Pictures stay out of this copy, which runs from the first line of the material through the line containing "#31 = ORIENTED_EDGE".

★ ★ ★ ★ ★

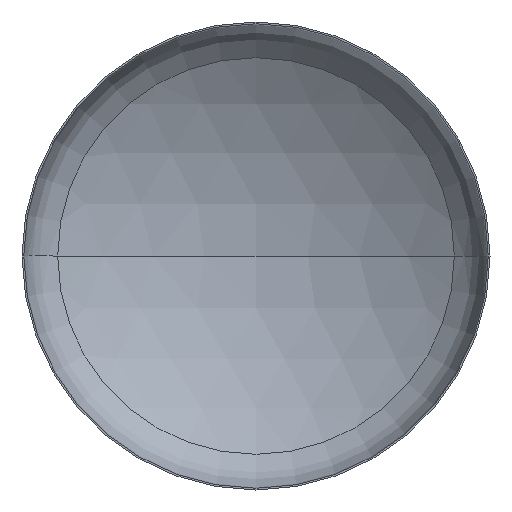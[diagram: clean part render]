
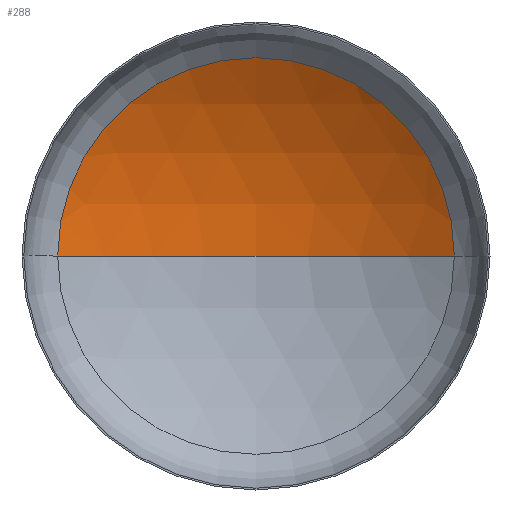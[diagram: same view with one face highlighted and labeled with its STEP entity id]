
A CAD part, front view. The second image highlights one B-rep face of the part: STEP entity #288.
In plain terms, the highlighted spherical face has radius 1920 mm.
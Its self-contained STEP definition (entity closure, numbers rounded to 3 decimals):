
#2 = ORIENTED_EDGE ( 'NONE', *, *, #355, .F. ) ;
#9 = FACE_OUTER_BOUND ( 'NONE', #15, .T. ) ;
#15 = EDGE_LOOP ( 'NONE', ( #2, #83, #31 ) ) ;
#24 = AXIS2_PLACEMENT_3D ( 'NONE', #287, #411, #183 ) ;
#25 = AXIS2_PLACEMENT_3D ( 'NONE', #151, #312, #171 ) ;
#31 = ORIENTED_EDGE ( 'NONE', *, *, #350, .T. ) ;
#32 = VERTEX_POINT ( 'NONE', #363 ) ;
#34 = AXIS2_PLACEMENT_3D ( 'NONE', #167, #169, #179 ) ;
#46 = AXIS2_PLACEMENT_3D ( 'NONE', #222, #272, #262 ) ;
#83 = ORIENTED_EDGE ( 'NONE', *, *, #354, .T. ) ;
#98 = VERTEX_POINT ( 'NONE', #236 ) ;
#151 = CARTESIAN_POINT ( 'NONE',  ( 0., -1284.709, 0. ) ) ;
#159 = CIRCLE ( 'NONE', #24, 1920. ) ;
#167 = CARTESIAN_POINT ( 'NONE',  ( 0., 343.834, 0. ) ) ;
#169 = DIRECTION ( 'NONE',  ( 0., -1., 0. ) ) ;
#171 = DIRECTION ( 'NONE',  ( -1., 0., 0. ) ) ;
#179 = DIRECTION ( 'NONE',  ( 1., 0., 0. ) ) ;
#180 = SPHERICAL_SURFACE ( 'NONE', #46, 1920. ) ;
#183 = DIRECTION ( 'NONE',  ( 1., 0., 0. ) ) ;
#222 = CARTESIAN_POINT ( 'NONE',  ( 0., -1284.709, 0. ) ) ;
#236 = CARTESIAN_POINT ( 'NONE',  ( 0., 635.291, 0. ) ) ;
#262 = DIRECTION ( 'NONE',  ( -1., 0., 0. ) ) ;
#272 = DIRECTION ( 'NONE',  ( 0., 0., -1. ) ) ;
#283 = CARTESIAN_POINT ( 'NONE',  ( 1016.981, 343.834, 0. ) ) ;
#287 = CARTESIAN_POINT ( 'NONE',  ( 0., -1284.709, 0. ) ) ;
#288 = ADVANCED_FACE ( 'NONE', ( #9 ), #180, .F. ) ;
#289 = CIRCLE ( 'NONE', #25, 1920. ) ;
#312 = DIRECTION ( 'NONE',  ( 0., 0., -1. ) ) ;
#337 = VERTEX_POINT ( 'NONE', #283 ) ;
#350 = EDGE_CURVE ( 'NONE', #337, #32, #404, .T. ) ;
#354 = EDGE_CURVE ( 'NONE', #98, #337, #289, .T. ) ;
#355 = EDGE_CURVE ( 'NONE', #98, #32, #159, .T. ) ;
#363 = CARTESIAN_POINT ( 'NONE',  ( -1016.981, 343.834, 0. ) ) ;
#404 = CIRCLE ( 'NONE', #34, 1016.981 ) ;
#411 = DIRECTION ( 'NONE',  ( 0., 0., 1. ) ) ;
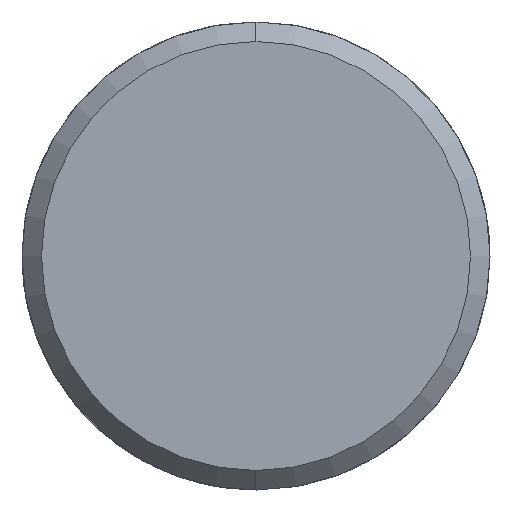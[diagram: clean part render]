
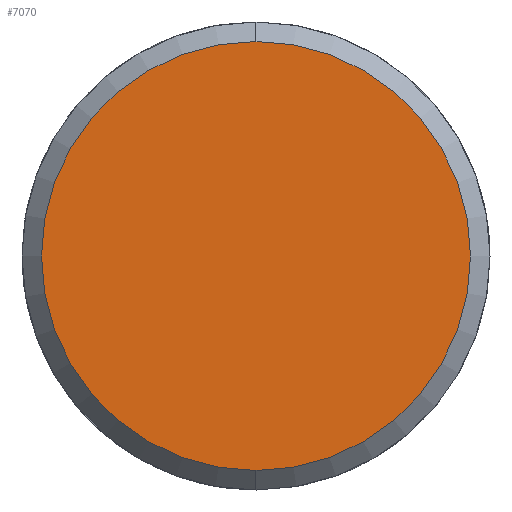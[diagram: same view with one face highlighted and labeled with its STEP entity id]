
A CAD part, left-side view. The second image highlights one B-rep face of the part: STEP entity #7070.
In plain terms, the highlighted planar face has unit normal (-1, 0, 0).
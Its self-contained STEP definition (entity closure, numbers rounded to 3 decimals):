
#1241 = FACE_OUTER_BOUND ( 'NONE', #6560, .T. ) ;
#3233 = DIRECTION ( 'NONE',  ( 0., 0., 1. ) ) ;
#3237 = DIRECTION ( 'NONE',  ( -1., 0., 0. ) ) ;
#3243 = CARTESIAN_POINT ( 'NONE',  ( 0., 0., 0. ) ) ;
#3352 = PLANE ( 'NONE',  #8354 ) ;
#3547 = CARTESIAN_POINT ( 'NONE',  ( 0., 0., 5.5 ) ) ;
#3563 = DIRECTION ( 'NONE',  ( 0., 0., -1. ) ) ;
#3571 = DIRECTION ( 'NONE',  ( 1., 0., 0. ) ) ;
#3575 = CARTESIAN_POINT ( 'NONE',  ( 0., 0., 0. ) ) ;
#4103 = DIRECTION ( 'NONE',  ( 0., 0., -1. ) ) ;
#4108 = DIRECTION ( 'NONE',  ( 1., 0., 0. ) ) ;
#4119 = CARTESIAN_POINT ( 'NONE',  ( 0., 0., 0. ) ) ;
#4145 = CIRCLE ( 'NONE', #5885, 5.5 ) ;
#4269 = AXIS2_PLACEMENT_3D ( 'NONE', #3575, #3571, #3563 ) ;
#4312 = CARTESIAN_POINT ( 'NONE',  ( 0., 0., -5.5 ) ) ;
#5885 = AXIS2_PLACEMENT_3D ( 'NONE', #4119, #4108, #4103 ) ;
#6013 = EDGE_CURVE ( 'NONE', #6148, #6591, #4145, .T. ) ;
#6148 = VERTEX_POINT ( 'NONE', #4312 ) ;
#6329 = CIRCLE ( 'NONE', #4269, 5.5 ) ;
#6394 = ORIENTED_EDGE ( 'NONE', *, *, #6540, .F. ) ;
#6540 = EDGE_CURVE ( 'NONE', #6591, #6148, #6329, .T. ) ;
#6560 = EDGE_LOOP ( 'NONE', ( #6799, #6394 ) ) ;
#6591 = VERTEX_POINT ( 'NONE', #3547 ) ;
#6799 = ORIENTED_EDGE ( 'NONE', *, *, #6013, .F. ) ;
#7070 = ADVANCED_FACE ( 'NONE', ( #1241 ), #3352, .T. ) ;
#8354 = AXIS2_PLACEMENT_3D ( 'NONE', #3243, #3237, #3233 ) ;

★ ★ ★ ★ ★

* Output of the exercise:
[diagram: clean part render]
[diagram: same view with one face highlighted and labeled with its STEP entity id]
A CAD part, front view. The second image highlights one B-rep face of the part: STEP entity #288.
In plain terms, the highlighted spherical face has radius 1920 mm.
Its self-contained STEP definition (entity closure, numbers rounded to 3 decimals):
#2 = ORIENTED_EDGE ( 'NONE', *, *, #355, .F. ) ;
#9 = FACE_OUTER_BOUND ( 'NONE', #15, .T. ) ;
#15 = EDGE_LOOP ( 'NONE', ( #2, #83, #31 ) ) ;
#24 = AXIS2_PLACEMENT_3D ( 'NONE', #287, #411, #183 ) ;
#25 = AXIS2_PLACEMENT_3D ( 'NONE', #151, #312, #171 ) ;
#31 = ORIENTED_EDGE ( 'NONE', *, *, #350, .T. ) ;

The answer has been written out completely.